A mid-engine setup is usually seen in special performance vehicles. This engine placement is ideal for sports cars as having the engine’s weight between the front and rear axles results in a nearly perfect weight distribution and therefore better handling. The downsides of a mid-engine setup revolves primarily around cooling. Little airflow over then engine when stationary and the need for greater coolant plumbing can result in overheating and in some extreme cases engine fires. The need for extra engineering also accounts for higher manufacturing costs which is why many mid-engine vehicles are quite pricy.

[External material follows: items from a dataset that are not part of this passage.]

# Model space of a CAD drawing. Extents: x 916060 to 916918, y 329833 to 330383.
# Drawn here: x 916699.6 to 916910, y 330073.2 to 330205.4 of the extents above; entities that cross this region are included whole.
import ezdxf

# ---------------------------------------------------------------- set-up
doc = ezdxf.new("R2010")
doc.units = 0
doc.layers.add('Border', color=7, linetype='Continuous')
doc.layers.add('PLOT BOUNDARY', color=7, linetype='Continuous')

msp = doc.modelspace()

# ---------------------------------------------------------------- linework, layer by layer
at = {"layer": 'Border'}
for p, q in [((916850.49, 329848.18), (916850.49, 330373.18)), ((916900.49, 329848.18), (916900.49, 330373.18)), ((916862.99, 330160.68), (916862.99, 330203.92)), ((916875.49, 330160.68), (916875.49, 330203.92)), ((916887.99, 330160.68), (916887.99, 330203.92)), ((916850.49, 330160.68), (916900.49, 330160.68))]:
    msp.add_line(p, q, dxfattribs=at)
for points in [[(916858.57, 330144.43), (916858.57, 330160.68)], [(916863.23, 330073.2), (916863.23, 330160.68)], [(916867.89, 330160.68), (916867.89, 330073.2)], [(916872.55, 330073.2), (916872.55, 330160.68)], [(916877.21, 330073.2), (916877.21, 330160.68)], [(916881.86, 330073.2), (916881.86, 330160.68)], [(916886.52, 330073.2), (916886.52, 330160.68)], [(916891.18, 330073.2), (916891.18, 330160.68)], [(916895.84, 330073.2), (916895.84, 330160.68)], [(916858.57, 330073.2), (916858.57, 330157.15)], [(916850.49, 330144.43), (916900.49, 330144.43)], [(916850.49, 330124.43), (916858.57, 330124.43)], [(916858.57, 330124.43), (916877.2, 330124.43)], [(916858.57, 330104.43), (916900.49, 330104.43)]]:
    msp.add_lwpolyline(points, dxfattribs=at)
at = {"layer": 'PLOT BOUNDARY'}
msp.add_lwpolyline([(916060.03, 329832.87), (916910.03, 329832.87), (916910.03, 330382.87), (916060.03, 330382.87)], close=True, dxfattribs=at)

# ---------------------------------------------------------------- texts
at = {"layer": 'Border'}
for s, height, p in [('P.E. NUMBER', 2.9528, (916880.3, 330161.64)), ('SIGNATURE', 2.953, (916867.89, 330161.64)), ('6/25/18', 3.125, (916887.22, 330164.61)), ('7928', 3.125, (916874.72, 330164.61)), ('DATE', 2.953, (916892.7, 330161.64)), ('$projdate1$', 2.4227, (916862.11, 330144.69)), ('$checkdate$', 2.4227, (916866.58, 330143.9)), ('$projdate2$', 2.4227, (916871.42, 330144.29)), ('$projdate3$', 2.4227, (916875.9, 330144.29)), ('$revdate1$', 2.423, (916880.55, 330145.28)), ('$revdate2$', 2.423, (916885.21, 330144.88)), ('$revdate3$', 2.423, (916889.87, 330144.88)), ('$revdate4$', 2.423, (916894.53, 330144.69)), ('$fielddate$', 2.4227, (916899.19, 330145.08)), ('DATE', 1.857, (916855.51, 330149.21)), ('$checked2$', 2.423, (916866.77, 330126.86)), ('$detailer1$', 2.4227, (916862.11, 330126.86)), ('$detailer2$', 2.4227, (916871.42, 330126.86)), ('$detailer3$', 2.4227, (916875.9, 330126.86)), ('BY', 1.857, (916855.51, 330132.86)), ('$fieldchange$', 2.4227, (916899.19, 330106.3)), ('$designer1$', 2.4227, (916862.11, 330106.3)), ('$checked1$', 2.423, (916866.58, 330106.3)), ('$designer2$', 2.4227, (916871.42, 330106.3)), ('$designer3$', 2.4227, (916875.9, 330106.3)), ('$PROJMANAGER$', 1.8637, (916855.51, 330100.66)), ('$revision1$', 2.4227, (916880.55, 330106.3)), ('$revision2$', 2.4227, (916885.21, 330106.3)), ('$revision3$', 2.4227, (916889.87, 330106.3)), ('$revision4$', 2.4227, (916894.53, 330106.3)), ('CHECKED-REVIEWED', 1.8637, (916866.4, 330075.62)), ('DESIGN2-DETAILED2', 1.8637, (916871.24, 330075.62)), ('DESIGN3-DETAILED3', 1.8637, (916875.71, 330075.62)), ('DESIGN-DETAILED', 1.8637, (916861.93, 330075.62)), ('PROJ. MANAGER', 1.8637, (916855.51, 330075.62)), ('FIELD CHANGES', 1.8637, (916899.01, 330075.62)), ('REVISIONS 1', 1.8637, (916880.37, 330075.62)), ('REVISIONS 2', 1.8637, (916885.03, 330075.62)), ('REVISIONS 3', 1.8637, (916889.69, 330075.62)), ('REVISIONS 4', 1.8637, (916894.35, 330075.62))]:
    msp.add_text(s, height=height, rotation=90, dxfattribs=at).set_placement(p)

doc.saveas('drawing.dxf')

The rear-engine platform is commonly associated with one vehicle- the Porsche 911. For the past 50 years Porsche has stuck with this setup because with the engine’s weight hanging over the rear wheels, the rear wheels are pressed into the road resulting in better traction. The downsides of a rear-engine setup revolves primarily around cooling. Little airflow over then engine when stationary and the need for greater coolant plumbing can result in overheating and in some extreme cases engine fires. The need for extra engineering also accounts for higher manufacturing costs which is why many rear-engine vehicles are quite pricy.
Front-Wheel Drive (FWD)
Front-wheel drive (FWD for short) is the most common type of drivetrain setup. In a FWD setup, power is sent from the engine to power the front wheels only. A vehicle with a FWD drivetrain is the most efficient system as having the engine close to the powered wheels reduces powertrain loss. Having the engine up front along with the front wheels being driven gives a vehicle better traction in bad weather conditions. Unfortunately this setup is not idea for performance vehicles as the extra weight on the front axle also leads to push understeer in hard cornering.
Rear-Wheel Drive (RWD)
Rear-wheel (RWD for short) setups are commonly used on most luxury and sporting vehicles. By sending power to the rear wheels the front wheels are free to focus on steering only resulting in ideal handling characteristics. Another benefit to a RWD platform is through the balance of steering and throttle inputs the rear end of the vehicle can step out resulting in a “drift”. Although RWD is typically more fun, those fun characteristics can be a detriment when facing in poor weather conditions due to the rear end possibly stepping out accidentally.
All-Wheel Drive (AWD)
All-wheel drive (AWD for short) drivetrains are commonly seen in SUVs and other off-roading vehicles. Also going by a number of generic names such as four-wheel drive and 4X4 along with multiple manufacturer-specific names (Audi Quattro, BMW xDrive, Mercedes 4Matic) all-wheel drive is simply when power from the engine can be sent to all four wheels. Most AWD vehicles also have the ability to distribute power between the forward and rear axles for better grip in low-traction conditions such as sand or snow. However, the need for extra engineering also accounts for higher manufacturing costs which is why many AWD vehicles are more expensive than their single axle rivals.